Which electron shells make up the electron gas? I want to get to know the concept of electronic gas. The first question is what does an electron gas consist of? If it consists for example of s or d electrons, I have a contradiction since the electron gas is delocalized and does not belong to any of the ions, but the s or d electrons are strictly localized near one of the ions.
 A: The abstract idea of a Fermi gas is simply that of a bunch of fermions that are free to move in space.
In this abstract framework, fermions (electrons) are not bound to an atom, and hence the usual quantum numbers ($n$, $l$, $m$, $\sigma$) that we use to describe atomic states are meaningless.

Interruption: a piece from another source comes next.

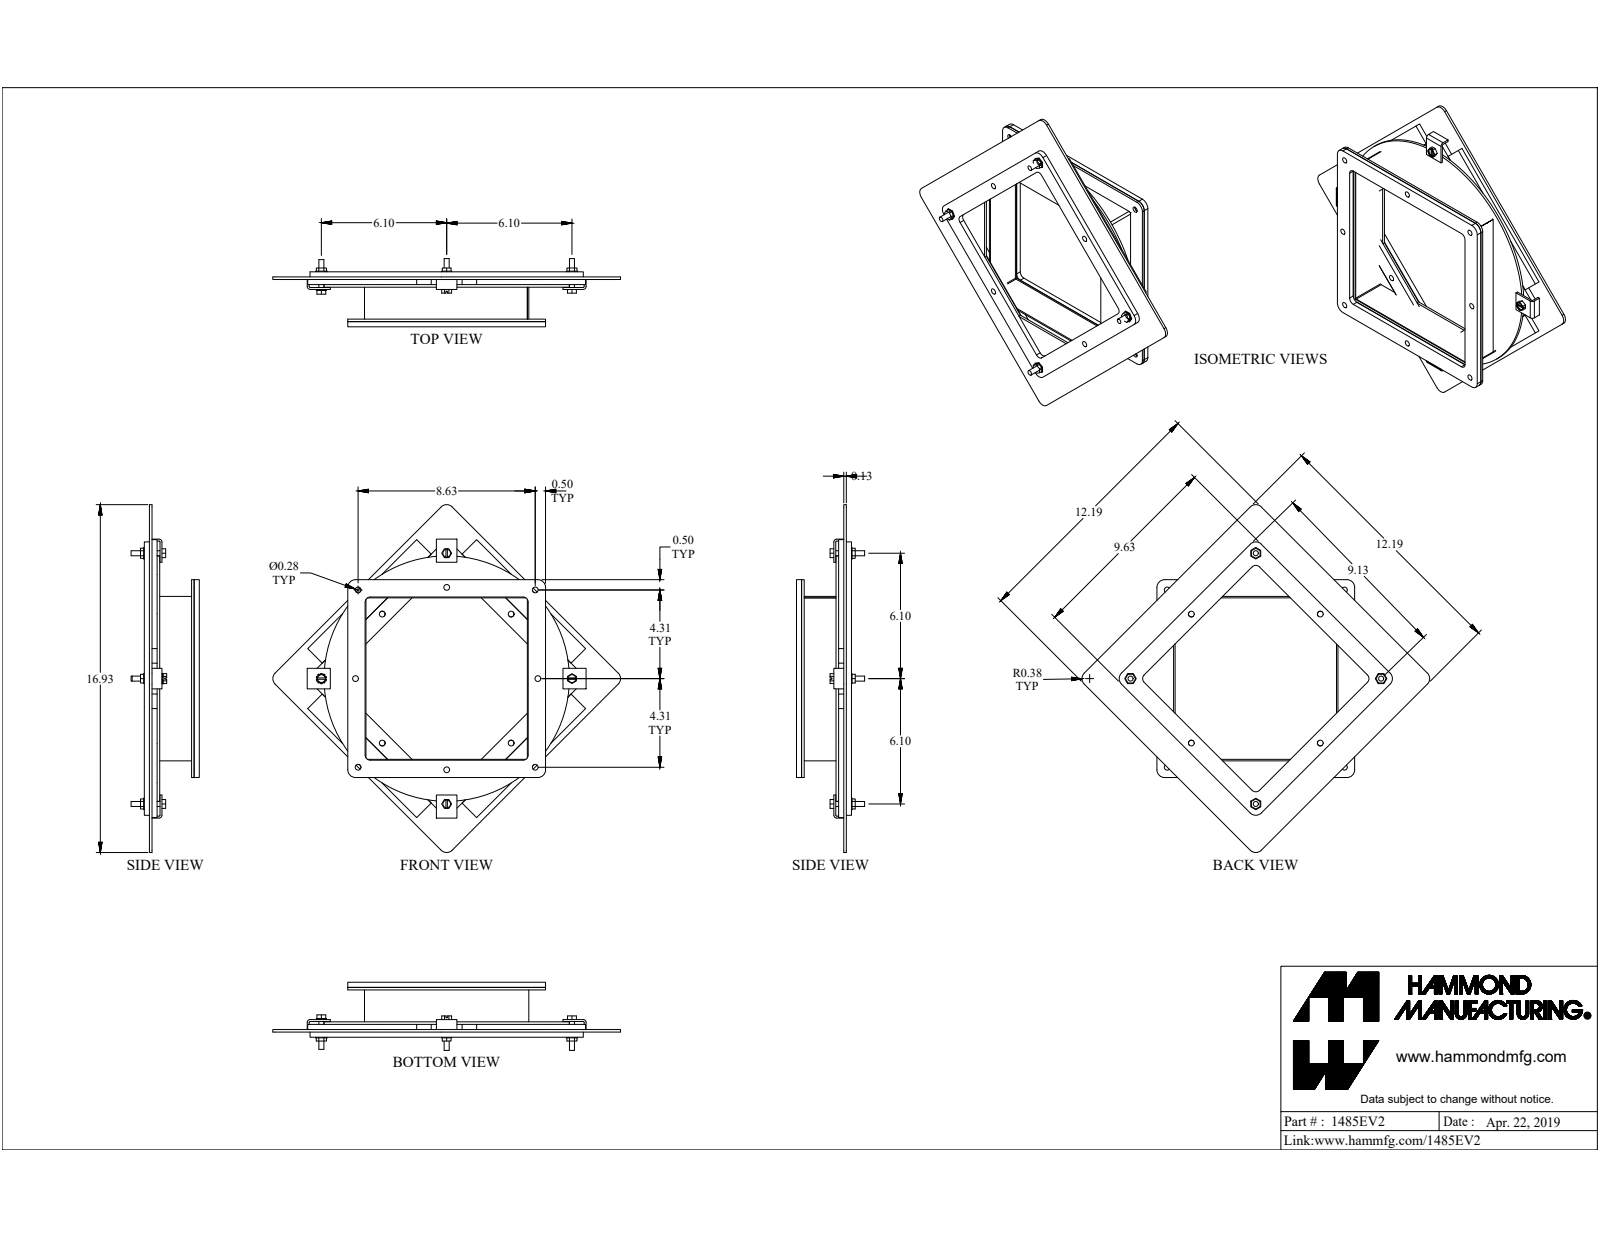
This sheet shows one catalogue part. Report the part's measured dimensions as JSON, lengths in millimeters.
{"part_name": "1485EV2", "step_written_by": "SolidWorks 2019 (CONFIG_CONTROL_DESIGN)", "units": "millimeters", "bodies": {"solids": 33, "faces": 532, "planar": 366, "cylindrical": 150, "other": 16}, "overall_size": [429.9, 429.9, 84.3], "volume_mm3": 954900, "surface_area_mm2": 562500, "round_holes": [[7.1, 16], [9.5, 6], [5, 5], [7.9, 4], [4.7, 2], [6.7, 2], [8, 2], [5.7, 1], [6.6, 1]], "round_bosses_or_shafts": [[6.2, 5], [14.3, 2], [6.4, 2], [303.2, 1]], "partial_cylinders_radius": [[9.5, 12], [1.2, 9], [3.6, 9], [6.4, 9], [1.6, 4], [0.9, 3], [2.7, 3], [1.5, 1]], "face_to_face_distances": [6.4, 9.5, 3.2, 52.1, 3.2, 42.6, 9.5, 48.9, 61.6, 45.7], "hole_center_spacings": [247.8, 42.2, 86.3, 109.6, 109.6, 118.6, 159.4, 191.6]}

The energy states of a single particle are labeled by other quantum numbers, for example the momentum $\vec{k}$ and the spin $\sigma$ (usually they are $\varepsilon_k = \hbar^2k^2/2m$, where $m$ is the particle mass and they are degenerate in spin).
As long as the temperature is reasonably small, the only "active" fermions are those with an energy close to the Fermi energy because thermal fluctuations can make them jump to empty states that are very close in energy.
Now in real materials the situation is totally different, since electrons "come from" the $N$ atoms forming the crystal.
If all the atoms were decoupled (very far apart from each other), clearly the electronic states would be those of a single atom, but $N$-fold degenerate because there are $N$ atoms. Hence the energy spectrum would be very peaked around the atomic states' energies.
When the atoms are coupled (realistic case), it turns out that this degeneracy is broken and the spectrum broadens into a band of states, but you can still identify all those states with the atomic state from where they come ($1s$, $2s$, $2p$, etc.).
Again the only active electrons are those with an energy level close to the Fermi energy, but clearly these electrons come from the atomic valence shell of the atom.
You can thus simplify the calculations by writing models that only involve energy bands close to the Fermi energy.
Notice that now, just because these bands "come from" atomic states, it doesn't mean that electrons are localized close to the atom! In fact they are completely delocalized.